* **Task objective**
Reproduce every line in the listing that contains the word "Inventor".

- - - - - - -

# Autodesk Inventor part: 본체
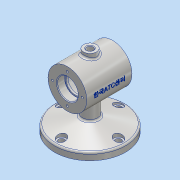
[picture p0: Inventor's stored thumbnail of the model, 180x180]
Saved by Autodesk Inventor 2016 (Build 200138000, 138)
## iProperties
Created: 2018-12
Part Number: 본체
Material: 알루미늄 6061
Document SubType Name: Modeling
Designer: 3sil_cad018
Density: 2.7 g/cm^3
Appearance: 알루미늄 - 평지
Mass: 685.082 g
Surface Area: 555.459 cm^2
Volume: 253.734 cm^3
Author: 3sil_cad018
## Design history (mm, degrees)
sketch "스케치2"
  geometry: L1 (0, 0)-(-55, 0); L2 (-55, 0)-(-55, 11); L3 (-55, 11)-(0, 11); L4 (0, 11)-(0, 0); L5 (-55, 11)-(0, 25.737); L6 (0, 25.737)-(0, 11)
  constraints: 12 end point, 2 parallel, 1 horizontal, 1 perpendicular, 1 vertical
  dimensions: "d0" = 11 distance of L1.end L2.end; "d1" = 75 deg angle of L5 L2; "d2" = 110 diameter of L2 L4
revolve "회전1" sketch "스케치2" stored, may be unused: angle "d3" = 90 deg
node "작업 평면1"
sketch "스케치3" dims "d5" = 88
  geometry: 3 further points
  constraints: 2 horizontal alignment, 1 coincident, 2 other
hole "구멍1" sketch "스케치3" at (44, 0) diameter "d6" = 9; stored, may be unused: countersink angle "d10" = 90 deg, drill point angle "d12" = 118 deg; dims "d7" = 6, "d8" = 14, "d9" = 10, "d11" = 8
sketch "스케치4"
  geometry: L1 (0, 75)-(-35, 75); L2 (-35, 75)-(-35, 105); L3 (-35, 105)-(0, 105); L4 (0, 105)-(0, 75); L5 (55, 0)-(-55, 0) reference; L6 (-35, 91)-(-23, 91); L7 (-23, 91)-(-23, 89); L8 (-23, 89)-(-20, 89); L9 (-20, 89)-(-20, 100); L10 (-20, 100)-(0, 100); L11 (0, 75)-(35, 75); L12 (35, 75)-(35, 105); L13 (35, 105)-(0, 105); L14 (35, 91)-(23, 91); L15 (23, 91)-(23, 89); L16 (23, 89)-(20, 89); L17 (20, 89)-(20, 100); L18 (20, 100)-(0, 100); 1 further point
  constraints: 34 end point, 7 symmetric about line, 5 perpendicular, 4 point on line, 2 horizontal, 2 parallel
  dimensions: "d16" = 75 distance from line of L1.start L5; "d17" = 60 diameter of L3 L1; "d18" = 35 distance between parallel lines of L4 L2; "d19" = 32 diameter of L6 L1; "d20" = 28 diameter of L8 L1; "d21" = 50 diameter of L10 L1; "d22" = 20 distance from line of L4 L9.end; "d23" = 12 distance of L6.start L6.end
revolve "회전2" stored, may be unused: angle "d24" = 90 deg
node "작업 평면2"
sketch "스케치5"
  geometry: C1 r 10 at (0, 0); 1 further point
  constraints: 1 centre point, 1 coincident
  dimensions: "d26" = 20 diameter of C1
extrude "돌출1" join sketch "스케치5" stored distance "d27" = 10; taper "d28" = 0 deg
sketch "스케치6"
  geometry: C1 r 12 at (0, 0); 1 further point
  constraints: 1 centre point, 1 coincident
  dimensions: "d29" = 24 diameter of C1
extrude "돌출2" join sketch "스케치6" stored distance "d30" = 10; taper "d31" = 0 deg
fillet "모깎기1" dims "d32" = 3
revolve "회전3" stored, may be unused: angle "d33" = 90 deg
fillet "모깎기2" dims "d38" = 3
fillet "모깎기3" dims "d39" = 0.3
chamfer "모따기1" distance "d40" = 1; stored, may be unused: second distance "d41" = 2, angle "d42" = 45 deg
sketch "스케치7" dims "d43" = 46
  geometry: 4 further points
  constraints: 2 vertical alignment, 1 coincident, 2 other
hole "구멍2" sketch "스케치7" at (0, 23) diameter "d44" = 3.242; stored, may be unused: countersink angle "d48" = 90 deg, drill point angle "d50" = 118 deg; dims "d45" = 8, "d46" = 14, "d47" = 10, "d49" = 10
hole "구멍3" diameter "d56" = 10; stored, may be unused: countersink angle "d60" = 90 deg, drill point angle "d62" = 118 deg; dims "d54" = 10, "d55" = 10, "d57" = 8, "d58" = 14, "d59" = 10, "d61" = 10
chamfer "모따기2" distance "d63" = 1; stored, may be unused: second distance "d64" = 2, angle "d65" = 45 deg
node "작업 평면3"
sketch "스케치8"
  geometry: L1 (-35, 45)-(-35, 105) reference; 2 further points
  constraints: 1 other
  dimensions: "d67" = 35 distance from line of point (0, 75) L1; "d68" = 30 vertical distance of L1.end point (0, 75)
feature "엠보싱1" sketch "스케치8" dims "d0" = 11, "d1" = 75 deg, "d2" = 110, "d16" = 75, "d17" = 60, "d18" = 35, "d19" = 32, "d20" = 28, "d21" = 50, "d22" = 20, "d23" = 12, "d69" = 0.5, "d70" = 0
node "솔리드1"
pattern_circular "원형 패턴1" dims angle "d14" = 360 deg
pattern_circular "원형 패턴2" dims angle "d52" = 360 deg
mirror "대칭1"
other parameters: "d25" = -112, "d34" = 0.5, "d35" = 2, "d36" = 0

- - - - - - -

* **Answer for this exercise**
# Autodesk Inventor part: 본체
[picture p0: Inventor's stored thumbnail of the model, 180x180]
Saved by Autodesk Inventor 2016 (Build 200138000, 138)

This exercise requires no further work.